All this bodes ill for Mr. Lukashenko and the Kremlin. Most of the trade between Belarus and Russia has been denominated in Russian rubles—hence Mr. Lukashenko’s vulnerability when the Russian economy tumbles. Belarus, along with Kazakhstan and Russia, is one of the founding member-states of the Eurasian Economic Union, the customs union that launches Jan. 1. Russian President Vladimir Putin hopes it will emerge as an alternative to the European Union.

Belarus’s currency troubles teach a powerful lesson to other states in Eastern Europe, Central Asia and the South Caucasus about the risks of economic interdependence with the Kremlin. The West should seize the moment to press for change in Belarus.

Messrs. Lukashenko and Putin aren’t best friends, and the Belarusian has been trying to present himself less as a Kremlin vassal and more as a bridge between East and West. On Sunday, while the currency crisis was under way, Mr. Lukashenko met with Ukrainian President Petro Poroshenko in Kiev, where Mr. Lukashenko reaffirmed his commitment to help resolve the Ukrainian crisis. Minsk hosted a round of failed Ukraine talks in September, and Mr. Poroshenko said in a statement on Monday that another round of talks may be held in the Belarusian capital on Wednesday and Friday.

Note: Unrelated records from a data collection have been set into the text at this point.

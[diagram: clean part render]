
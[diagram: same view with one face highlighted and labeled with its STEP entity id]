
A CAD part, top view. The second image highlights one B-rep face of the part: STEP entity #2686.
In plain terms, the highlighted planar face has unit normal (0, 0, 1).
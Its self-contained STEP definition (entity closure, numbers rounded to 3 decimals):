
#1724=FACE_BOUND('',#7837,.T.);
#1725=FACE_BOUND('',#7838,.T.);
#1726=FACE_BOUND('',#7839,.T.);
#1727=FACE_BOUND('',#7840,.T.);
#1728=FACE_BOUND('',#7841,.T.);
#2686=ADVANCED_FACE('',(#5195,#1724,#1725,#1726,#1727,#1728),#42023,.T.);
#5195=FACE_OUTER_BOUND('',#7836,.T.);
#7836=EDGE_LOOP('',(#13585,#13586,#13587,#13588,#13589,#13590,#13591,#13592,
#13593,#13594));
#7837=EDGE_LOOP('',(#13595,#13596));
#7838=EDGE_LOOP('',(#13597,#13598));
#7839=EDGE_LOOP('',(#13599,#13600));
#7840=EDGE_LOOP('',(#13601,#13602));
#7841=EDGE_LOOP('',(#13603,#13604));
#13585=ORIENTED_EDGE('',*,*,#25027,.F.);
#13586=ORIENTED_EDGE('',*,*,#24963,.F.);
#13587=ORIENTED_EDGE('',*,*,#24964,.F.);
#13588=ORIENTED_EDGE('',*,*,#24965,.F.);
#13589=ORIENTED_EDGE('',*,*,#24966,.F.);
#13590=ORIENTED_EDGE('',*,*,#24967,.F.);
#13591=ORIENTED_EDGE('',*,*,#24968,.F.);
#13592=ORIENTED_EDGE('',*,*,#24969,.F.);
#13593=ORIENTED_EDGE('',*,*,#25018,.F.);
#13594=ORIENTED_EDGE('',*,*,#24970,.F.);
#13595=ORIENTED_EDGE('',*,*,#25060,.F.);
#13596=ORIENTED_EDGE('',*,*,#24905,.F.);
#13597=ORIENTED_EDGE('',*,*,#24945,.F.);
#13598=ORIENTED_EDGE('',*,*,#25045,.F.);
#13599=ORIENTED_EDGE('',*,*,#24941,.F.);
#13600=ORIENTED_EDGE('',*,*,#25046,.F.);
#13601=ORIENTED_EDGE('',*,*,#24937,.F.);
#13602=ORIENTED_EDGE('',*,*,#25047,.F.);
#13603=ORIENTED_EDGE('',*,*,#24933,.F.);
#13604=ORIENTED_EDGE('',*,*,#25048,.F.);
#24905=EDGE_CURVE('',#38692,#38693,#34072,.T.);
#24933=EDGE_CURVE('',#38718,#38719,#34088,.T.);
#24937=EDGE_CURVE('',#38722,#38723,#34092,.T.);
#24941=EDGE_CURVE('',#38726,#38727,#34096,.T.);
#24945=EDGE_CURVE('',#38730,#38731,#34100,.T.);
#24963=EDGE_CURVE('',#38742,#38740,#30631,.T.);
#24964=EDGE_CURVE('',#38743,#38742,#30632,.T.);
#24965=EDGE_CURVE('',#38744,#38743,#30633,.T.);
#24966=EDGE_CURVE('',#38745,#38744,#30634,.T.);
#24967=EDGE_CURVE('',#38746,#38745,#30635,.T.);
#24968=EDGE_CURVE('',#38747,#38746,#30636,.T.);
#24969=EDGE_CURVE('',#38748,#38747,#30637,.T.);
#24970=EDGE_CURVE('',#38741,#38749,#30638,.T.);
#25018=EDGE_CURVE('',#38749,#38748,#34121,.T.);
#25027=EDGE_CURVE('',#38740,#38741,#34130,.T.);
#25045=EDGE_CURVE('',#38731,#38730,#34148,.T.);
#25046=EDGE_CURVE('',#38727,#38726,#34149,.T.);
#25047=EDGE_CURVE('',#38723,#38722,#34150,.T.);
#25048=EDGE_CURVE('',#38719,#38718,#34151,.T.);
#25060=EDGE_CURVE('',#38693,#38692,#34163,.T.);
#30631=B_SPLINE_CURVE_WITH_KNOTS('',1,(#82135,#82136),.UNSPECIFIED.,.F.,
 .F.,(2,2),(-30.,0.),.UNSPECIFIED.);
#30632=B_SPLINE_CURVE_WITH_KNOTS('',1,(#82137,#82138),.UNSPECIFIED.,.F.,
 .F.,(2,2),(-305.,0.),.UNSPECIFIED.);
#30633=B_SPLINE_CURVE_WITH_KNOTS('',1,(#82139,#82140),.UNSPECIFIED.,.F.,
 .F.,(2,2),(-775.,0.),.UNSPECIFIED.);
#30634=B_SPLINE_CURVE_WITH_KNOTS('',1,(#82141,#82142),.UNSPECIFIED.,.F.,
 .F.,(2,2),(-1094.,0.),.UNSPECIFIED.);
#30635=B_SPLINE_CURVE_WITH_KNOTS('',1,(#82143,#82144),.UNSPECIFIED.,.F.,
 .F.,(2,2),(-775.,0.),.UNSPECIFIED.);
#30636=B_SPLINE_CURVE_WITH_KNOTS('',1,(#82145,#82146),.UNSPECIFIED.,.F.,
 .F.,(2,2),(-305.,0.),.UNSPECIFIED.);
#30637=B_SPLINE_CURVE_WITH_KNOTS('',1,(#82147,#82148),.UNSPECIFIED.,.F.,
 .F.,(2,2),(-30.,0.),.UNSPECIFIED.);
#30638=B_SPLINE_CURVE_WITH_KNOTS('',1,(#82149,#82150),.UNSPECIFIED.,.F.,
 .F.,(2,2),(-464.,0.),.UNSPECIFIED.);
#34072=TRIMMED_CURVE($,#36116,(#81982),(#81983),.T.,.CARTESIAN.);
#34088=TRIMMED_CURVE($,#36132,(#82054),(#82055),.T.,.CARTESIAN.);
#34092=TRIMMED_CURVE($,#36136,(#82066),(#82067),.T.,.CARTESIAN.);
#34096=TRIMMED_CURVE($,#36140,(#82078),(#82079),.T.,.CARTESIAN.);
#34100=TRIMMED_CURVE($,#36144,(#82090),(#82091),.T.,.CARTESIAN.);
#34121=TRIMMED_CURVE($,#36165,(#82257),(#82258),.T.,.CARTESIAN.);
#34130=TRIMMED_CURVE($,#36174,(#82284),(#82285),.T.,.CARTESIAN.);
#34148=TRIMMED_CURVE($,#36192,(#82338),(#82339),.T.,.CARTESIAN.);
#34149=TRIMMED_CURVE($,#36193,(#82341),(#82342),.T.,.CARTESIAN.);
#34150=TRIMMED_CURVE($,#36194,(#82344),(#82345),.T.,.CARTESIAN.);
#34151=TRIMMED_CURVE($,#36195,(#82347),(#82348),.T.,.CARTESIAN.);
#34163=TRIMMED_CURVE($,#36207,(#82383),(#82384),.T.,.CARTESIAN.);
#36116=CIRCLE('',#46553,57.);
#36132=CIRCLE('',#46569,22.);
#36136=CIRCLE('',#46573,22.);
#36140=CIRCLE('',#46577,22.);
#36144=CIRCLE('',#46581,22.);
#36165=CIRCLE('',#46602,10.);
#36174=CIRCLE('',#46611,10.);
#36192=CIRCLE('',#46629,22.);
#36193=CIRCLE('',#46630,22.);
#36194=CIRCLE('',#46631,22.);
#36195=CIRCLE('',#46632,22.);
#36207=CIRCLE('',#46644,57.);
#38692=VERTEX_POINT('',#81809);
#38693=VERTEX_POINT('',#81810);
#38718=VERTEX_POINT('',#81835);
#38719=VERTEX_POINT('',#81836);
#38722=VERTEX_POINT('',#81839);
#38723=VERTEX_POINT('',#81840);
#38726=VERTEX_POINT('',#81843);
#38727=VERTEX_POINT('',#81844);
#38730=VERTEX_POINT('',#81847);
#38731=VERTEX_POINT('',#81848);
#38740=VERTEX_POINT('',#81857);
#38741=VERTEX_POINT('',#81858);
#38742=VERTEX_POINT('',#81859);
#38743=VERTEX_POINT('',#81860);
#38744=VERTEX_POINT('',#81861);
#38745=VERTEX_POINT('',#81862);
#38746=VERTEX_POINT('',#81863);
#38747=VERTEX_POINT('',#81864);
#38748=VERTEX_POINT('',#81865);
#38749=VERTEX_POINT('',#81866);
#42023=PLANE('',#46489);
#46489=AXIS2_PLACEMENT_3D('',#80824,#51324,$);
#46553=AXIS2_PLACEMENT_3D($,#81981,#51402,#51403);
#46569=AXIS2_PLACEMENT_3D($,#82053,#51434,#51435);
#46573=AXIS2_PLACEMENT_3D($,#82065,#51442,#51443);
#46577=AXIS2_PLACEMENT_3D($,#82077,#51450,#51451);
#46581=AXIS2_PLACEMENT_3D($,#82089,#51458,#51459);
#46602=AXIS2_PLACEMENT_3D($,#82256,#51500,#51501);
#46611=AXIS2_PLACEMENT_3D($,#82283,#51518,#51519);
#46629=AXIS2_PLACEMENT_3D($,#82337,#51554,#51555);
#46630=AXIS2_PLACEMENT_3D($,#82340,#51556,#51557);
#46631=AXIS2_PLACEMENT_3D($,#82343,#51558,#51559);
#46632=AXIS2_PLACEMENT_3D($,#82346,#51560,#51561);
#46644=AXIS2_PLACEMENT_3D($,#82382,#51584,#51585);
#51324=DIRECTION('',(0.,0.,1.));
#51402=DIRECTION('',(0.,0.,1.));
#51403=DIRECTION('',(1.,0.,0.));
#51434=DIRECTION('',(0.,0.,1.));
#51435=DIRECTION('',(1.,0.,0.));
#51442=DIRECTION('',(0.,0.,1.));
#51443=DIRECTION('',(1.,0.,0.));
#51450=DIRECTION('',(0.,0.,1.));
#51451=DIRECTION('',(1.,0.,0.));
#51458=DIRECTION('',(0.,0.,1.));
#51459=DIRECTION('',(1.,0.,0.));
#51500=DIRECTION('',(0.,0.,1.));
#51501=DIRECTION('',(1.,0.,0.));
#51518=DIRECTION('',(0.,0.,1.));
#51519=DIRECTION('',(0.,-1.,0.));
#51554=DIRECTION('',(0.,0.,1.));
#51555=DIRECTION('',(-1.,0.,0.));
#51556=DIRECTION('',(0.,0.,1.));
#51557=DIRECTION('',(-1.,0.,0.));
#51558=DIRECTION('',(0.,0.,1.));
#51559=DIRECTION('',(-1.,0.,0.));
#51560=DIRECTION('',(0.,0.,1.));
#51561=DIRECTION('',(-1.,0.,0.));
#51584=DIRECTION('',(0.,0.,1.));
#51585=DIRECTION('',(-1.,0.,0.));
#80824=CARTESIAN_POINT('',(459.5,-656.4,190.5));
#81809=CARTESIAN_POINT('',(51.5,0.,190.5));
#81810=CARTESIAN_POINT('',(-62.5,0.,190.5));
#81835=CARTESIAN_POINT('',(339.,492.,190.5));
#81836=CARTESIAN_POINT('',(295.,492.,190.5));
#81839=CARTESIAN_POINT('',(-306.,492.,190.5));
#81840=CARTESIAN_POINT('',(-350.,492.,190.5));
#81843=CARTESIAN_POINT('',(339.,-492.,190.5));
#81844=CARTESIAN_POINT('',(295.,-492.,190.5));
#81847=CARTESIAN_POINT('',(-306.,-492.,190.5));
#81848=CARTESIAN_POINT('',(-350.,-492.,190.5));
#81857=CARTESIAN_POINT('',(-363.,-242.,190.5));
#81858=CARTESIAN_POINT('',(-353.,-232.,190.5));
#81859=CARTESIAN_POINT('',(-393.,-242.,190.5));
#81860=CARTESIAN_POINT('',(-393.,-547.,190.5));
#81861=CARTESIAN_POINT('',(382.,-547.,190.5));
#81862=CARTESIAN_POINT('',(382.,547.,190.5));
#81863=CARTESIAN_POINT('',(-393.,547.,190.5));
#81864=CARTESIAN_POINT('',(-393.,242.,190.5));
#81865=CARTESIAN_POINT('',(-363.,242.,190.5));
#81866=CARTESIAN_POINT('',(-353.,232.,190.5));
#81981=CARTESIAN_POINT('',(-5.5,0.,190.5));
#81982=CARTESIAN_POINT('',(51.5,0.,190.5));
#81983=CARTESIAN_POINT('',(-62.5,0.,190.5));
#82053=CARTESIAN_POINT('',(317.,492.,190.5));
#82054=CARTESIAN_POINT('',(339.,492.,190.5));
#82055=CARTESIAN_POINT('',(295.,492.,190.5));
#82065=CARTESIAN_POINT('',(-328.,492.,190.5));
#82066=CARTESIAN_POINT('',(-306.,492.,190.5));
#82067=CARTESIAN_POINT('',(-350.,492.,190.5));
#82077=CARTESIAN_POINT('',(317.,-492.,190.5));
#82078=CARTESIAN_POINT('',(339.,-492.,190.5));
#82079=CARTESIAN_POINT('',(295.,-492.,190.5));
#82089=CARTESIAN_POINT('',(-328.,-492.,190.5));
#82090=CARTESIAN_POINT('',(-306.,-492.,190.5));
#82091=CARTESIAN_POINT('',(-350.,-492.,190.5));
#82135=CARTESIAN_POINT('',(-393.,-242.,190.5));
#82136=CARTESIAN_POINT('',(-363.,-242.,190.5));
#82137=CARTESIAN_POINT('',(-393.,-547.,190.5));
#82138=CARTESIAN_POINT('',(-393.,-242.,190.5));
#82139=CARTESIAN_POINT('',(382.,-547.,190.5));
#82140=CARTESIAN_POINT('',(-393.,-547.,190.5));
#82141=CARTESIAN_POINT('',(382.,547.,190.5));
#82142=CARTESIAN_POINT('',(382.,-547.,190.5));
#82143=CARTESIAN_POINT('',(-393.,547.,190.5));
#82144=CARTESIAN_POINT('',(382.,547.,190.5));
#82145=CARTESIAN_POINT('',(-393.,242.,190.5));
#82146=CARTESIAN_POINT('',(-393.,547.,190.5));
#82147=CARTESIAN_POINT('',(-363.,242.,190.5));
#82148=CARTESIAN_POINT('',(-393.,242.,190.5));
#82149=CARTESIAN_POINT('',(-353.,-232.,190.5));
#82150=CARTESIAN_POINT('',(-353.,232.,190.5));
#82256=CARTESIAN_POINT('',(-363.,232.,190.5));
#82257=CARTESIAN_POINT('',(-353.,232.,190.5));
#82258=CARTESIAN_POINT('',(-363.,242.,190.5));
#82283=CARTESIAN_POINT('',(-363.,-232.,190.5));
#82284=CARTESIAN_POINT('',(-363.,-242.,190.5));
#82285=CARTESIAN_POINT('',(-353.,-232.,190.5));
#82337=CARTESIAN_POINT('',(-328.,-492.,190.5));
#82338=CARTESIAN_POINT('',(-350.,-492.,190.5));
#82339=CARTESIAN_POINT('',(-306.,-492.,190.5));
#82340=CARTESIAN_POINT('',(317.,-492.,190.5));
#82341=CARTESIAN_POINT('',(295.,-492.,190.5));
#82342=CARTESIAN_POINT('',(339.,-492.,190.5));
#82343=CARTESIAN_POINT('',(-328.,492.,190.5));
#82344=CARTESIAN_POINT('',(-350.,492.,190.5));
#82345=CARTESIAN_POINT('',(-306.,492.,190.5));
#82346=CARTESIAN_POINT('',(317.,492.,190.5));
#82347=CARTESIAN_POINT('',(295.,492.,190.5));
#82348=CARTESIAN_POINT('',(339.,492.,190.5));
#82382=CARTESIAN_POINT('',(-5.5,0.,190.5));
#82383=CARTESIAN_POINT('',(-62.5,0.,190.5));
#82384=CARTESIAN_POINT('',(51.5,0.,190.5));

It would be a mistake for the U.S. and EU to unconditionally embrace the anxious President for life, who in all likelihood is hedging his bet on Moscow. If Mr. Lukashenko wants greater Western integration, Washington and Brussels should insist he loosen his grip on Belarusian civil society. Unblocking opposition and independent news websites would be a good start.